- Opening Delimiter -

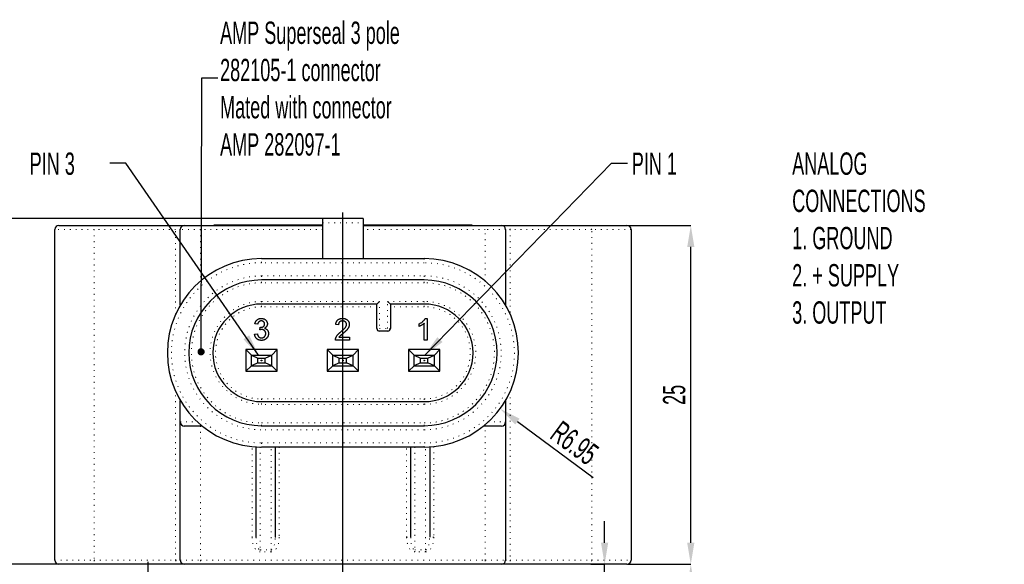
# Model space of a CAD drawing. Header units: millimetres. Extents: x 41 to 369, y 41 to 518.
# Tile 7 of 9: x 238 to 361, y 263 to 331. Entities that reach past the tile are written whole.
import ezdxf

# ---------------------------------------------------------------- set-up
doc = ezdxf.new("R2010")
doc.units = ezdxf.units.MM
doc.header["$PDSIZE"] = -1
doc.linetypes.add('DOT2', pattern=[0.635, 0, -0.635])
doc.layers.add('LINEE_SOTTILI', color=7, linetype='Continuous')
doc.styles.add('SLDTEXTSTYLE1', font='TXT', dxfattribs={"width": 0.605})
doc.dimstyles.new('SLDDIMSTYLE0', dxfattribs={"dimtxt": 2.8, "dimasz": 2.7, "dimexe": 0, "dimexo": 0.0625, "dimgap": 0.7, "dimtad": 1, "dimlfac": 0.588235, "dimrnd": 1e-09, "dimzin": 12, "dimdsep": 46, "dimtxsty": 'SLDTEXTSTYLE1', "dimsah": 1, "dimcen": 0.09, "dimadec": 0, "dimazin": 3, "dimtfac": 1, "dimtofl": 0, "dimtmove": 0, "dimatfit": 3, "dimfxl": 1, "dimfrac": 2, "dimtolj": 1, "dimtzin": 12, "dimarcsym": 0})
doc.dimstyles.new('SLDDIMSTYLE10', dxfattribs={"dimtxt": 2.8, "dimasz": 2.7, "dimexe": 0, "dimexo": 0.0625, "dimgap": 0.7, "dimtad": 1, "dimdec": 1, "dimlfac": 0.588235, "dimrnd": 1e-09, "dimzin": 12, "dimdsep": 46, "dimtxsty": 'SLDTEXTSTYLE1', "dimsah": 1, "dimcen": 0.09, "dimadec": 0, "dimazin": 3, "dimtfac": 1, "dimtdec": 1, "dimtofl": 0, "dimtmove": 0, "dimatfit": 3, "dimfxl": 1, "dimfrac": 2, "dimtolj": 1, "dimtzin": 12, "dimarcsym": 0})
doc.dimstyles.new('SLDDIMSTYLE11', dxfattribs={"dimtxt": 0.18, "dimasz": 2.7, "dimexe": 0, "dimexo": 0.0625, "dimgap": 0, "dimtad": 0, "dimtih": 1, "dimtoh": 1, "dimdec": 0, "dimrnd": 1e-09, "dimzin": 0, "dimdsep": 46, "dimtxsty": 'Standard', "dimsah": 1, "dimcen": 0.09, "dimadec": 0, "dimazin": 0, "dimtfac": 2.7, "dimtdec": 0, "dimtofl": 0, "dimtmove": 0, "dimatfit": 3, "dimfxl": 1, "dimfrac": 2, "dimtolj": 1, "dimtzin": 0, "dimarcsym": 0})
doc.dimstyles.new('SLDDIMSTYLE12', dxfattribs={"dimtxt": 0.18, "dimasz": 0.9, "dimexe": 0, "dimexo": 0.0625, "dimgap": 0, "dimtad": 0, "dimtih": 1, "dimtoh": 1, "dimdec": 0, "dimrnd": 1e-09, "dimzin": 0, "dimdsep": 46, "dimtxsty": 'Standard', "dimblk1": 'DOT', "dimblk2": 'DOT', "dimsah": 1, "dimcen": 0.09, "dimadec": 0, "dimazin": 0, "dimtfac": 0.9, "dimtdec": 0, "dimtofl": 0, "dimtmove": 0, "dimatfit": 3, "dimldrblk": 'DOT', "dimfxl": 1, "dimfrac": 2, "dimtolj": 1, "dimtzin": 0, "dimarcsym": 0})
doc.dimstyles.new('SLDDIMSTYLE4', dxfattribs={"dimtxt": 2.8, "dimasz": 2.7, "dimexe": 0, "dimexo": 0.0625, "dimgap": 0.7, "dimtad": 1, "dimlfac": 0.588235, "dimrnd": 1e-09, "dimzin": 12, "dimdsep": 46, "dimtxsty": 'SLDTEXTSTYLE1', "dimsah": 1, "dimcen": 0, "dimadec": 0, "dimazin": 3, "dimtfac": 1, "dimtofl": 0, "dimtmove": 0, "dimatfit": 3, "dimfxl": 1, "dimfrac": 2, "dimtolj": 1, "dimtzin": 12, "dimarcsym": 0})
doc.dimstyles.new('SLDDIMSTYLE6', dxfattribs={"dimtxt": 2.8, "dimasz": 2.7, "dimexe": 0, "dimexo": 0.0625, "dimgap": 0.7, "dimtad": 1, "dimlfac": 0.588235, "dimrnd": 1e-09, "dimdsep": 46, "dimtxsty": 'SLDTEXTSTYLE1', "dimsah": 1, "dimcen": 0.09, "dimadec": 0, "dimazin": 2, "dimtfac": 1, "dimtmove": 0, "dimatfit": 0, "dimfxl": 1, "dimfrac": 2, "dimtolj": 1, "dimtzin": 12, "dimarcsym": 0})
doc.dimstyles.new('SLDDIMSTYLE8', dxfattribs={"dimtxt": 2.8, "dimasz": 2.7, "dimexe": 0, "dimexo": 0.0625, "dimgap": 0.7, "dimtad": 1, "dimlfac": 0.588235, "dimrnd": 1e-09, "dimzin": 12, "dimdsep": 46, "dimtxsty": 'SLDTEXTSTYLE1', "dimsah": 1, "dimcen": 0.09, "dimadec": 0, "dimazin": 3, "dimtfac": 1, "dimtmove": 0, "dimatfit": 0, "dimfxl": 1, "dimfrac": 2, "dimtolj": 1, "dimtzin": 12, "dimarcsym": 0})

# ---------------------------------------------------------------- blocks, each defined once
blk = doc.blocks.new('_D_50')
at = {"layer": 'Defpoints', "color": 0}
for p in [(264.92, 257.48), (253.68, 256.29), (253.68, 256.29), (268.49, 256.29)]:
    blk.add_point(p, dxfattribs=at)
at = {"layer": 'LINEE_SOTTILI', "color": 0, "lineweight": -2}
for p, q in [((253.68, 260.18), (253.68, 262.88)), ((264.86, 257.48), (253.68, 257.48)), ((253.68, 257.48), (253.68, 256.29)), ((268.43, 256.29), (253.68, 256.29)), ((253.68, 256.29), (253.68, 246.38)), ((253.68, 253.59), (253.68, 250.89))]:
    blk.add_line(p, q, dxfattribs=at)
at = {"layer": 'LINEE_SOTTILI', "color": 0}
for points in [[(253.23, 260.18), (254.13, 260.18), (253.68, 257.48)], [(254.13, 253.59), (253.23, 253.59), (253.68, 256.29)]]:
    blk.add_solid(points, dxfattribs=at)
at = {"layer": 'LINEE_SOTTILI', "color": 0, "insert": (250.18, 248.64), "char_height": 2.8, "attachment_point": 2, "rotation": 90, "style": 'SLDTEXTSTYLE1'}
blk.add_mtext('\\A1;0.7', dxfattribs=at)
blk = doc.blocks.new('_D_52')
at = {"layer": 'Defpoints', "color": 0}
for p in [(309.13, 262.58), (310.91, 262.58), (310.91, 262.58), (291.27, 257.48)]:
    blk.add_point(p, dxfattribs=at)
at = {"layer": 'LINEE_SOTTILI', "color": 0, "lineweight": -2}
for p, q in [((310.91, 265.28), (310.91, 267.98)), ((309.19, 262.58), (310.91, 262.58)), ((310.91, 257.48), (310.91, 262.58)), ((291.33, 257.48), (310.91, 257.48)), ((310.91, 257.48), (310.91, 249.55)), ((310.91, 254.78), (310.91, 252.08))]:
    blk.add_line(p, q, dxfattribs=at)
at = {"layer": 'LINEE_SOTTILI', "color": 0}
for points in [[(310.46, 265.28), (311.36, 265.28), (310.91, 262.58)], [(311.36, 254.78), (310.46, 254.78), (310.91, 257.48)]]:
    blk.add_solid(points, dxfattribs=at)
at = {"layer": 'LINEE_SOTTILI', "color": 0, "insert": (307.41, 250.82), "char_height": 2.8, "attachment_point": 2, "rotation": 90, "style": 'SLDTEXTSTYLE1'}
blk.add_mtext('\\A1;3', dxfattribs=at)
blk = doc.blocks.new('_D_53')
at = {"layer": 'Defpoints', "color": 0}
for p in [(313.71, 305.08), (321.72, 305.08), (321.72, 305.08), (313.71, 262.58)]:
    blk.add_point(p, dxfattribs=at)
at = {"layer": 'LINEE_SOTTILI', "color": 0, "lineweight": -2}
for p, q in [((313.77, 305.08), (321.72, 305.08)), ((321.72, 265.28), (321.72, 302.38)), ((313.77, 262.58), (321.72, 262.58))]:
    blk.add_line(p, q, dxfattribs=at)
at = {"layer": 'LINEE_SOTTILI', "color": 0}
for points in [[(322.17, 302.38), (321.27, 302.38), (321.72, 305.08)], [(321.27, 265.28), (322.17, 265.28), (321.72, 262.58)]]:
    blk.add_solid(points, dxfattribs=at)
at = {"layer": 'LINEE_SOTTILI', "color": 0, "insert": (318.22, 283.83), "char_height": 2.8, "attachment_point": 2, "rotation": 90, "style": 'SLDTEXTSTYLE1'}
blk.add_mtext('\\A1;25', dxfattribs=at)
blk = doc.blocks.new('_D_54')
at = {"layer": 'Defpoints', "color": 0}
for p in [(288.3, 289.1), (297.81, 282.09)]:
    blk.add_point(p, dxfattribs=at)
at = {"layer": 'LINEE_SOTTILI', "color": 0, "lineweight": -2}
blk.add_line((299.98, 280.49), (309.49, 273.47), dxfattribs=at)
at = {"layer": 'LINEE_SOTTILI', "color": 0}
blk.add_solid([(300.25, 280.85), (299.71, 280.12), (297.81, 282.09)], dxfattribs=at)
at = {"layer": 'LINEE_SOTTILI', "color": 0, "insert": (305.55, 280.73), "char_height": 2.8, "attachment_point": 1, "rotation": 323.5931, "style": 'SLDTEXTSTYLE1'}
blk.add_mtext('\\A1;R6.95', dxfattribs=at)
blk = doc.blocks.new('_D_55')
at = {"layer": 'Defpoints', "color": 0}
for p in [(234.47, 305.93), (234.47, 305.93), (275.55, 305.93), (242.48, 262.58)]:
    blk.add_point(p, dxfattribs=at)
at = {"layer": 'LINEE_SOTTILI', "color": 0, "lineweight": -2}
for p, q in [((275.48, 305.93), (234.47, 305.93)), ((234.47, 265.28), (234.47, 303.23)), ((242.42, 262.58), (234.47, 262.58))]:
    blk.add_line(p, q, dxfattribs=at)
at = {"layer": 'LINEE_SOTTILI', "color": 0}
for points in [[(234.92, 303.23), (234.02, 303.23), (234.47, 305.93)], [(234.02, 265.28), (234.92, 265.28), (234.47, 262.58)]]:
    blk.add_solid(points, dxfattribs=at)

- Closing Delimiter -

▸ **Work item**: Nothing but the lines from the first line of the data through the line with "doc.linetypes.add('DOT2', pattern=[0.635, 0, -0.635])" belongs in the answer, copied exactly and without pictures.

▸ **Answer section**:
# Model space of a CAD drawing. Header units: millimetres. Extents: x 41 to 369, y 41 to 518.
# Tile 7 of 9: x 238 to 361, y 263 to 331. Entities that reach past the tile are written whole.
import ezdxf

# ---------------------------------------------------------------- set-up
doc = ezdxf.new("R2010")
doc.units = ezdxf.units.MM
doc.header["$PDSIZE"] = -1
doc.linetypes.add('DOT2', pattern=[0.635, 0, -0.635])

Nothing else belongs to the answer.